Roses are Red Violets or Red Trees are Red HOLY SH*T MY GARDEN'S ON FIRE!

What do an asian, a black man, and a Mexican all have in common? They all belong minorites that at one time have been outcast by society

Why did Mr. Moseley choose to not buy crest toothpaste this month? Because your daughter got an abortion.

whore whore whore whore whore whore whore whore whore whroe whore whore whore whroe

As I sat waiting for the doctor to return with my final prognosis, I began contemplating my own mortality. Looking inside myself, one question continued to haunt me: “What’s the X-ray technician going to do when he walks in and sees me messing with the equipment?”

Hey I just met you, And this is crazy, I've got dementia, Hey I just met you.

Ask me if I'm a human. Are you a human? Yes.

My Japanese girlfriend dumped me today...Oh well, theres plenty more in the sea

What do you call cheese that is not yours? It depends on the type of cheese.

Why can't Helen Keller drive? Because she was deaf and blind, which both make it very unsafe for her to drive.

Why didn't the little boy have a good time at his birthday party? Because his friends lit him on fire.

What is a pirates favorite crime? Piracy, which is still a serious problem in today's society.

A white horse walks into a bar and orders a bitter. The bartender says "Hey, do you know we've got a drink named after you?" The horse says; "Eeek! A talking cow."

A man walks into a psychiatrists office, naked but wrapped in Saran Wrap. The Doctor takes one look at him and says, "I can clearly see your nuts."

A blonde woman, a brunette woman and a redhaired woman walk into a bar. They can be considered fiscally responsible because it was two for one Ladie's Night.

knock knock. whos there? the IRS you have recently filed for bankruptcy and we are repossessing your house.

What do Grant and Lee have in common? They're both black males

Why did the black homeowner default on his house? He was paying significantly more in mortgage than the actual market value of the home, since he purchased his property before the housing bubble. He carried out a cost/benefit analysis and derived the conclusion that he was effectively destroying his own wealth by paying his mortgage bills.
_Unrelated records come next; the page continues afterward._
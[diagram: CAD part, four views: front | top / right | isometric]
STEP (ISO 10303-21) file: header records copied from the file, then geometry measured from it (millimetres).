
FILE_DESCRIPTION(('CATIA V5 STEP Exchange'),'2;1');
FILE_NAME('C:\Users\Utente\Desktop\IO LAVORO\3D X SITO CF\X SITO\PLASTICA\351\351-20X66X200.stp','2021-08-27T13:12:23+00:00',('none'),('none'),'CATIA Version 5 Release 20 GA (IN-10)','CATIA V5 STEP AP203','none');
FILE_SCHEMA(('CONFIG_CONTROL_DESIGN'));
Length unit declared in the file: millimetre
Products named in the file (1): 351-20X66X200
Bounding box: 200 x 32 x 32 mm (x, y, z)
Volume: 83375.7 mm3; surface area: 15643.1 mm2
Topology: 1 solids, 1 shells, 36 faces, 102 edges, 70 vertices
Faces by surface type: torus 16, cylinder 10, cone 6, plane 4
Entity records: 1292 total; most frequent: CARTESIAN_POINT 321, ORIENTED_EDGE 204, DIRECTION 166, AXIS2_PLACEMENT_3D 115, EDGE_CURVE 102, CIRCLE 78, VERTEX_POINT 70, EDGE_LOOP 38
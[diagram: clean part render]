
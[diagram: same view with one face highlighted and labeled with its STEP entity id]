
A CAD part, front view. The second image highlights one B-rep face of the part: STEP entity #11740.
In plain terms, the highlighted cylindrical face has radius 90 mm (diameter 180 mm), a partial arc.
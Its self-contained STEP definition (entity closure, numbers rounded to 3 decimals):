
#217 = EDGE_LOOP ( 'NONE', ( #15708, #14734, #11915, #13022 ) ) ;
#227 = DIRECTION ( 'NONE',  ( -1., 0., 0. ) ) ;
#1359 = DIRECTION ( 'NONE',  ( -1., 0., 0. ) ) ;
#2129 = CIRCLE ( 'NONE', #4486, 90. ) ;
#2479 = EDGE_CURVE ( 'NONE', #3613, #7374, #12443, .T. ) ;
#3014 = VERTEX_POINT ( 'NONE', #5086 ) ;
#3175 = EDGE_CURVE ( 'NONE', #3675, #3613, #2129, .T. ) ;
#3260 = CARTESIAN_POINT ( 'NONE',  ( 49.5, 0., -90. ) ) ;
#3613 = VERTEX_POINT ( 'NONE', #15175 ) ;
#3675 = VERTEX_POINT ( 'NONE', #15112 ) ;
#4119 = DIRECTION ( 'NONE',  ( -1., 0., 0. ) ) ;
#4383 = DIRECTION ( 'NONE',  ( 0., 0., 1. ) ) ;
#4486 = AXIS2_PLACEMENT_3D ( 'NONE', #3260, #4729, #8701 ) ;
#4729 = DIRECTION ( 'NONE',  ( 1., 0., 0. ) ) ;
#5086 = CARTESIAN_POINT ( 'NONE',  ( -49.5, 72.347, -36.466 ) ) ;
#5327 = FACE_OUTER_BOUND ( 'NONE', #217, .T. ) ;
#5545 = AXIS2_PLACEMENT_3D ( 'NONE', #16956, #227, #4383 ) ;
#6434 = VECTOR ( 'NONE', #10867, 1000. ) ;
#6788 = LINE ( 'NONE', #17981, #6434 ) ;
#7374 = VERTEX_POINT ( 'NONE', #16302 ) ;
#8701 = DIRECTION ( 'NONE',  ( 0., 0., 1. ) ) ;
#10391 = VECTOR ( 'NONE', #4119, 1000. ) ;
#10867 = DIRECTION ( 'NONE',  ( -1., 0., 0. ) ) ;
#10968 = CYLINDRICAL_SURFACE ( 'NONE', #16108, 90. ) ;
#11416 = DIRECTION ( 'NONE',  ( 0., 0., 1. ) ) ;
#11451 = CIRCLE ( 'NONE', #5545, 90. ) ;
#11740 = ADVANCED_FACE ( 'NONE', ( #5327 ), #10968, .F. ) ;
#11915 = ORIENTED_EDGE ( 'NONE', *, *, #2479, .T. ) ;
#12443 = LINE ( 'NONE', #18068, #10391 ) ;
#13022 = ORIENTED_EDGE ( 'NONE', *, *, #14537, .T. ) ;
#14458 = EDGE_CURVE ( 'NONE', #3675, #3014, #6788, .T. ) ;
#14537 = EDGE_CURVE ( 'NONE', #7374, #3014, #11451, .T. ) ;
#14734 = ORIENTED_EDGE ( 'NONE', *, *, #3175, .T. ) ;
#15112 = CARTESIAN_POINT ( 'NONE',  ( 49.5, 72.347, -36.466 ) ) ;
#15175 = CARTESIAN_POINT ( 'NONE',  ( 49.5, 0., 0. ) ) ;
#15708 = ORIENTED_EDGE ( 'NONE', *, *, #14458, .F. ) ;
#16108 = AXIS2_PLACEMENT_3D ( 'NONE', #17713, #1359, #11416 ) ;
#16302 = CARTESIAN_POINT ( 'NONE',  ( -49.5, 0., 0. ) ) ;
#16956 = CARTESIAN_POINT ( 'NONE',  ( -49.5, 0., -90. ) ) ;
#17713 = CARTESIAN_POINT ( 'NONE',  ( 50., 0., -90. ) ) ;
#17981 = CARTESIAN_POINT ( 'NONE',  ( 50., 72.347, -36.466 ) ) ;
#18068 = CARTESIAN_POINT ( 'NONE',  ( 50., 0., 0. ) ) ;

Der Ter-Rerks, nern ter serrentersts ers "Terernerserers Rerks", wers er dernerser dert lerved ern der Certersers perrerd. Ert wers er mert erter, prering ern smerler, plernt-erterng dernersers serch ers herdrersers ernd serrerperds. Ert erser hernterd der herned herberver Tersererterps, werd erverderns erf ferts ferned ern der ferserlersed rermerns.

Three midgets walk into a bar. The first one orders a beer, the second one orders whiskey, and the third one ordered water because all three of them had agreed that he would be the designated driver that night.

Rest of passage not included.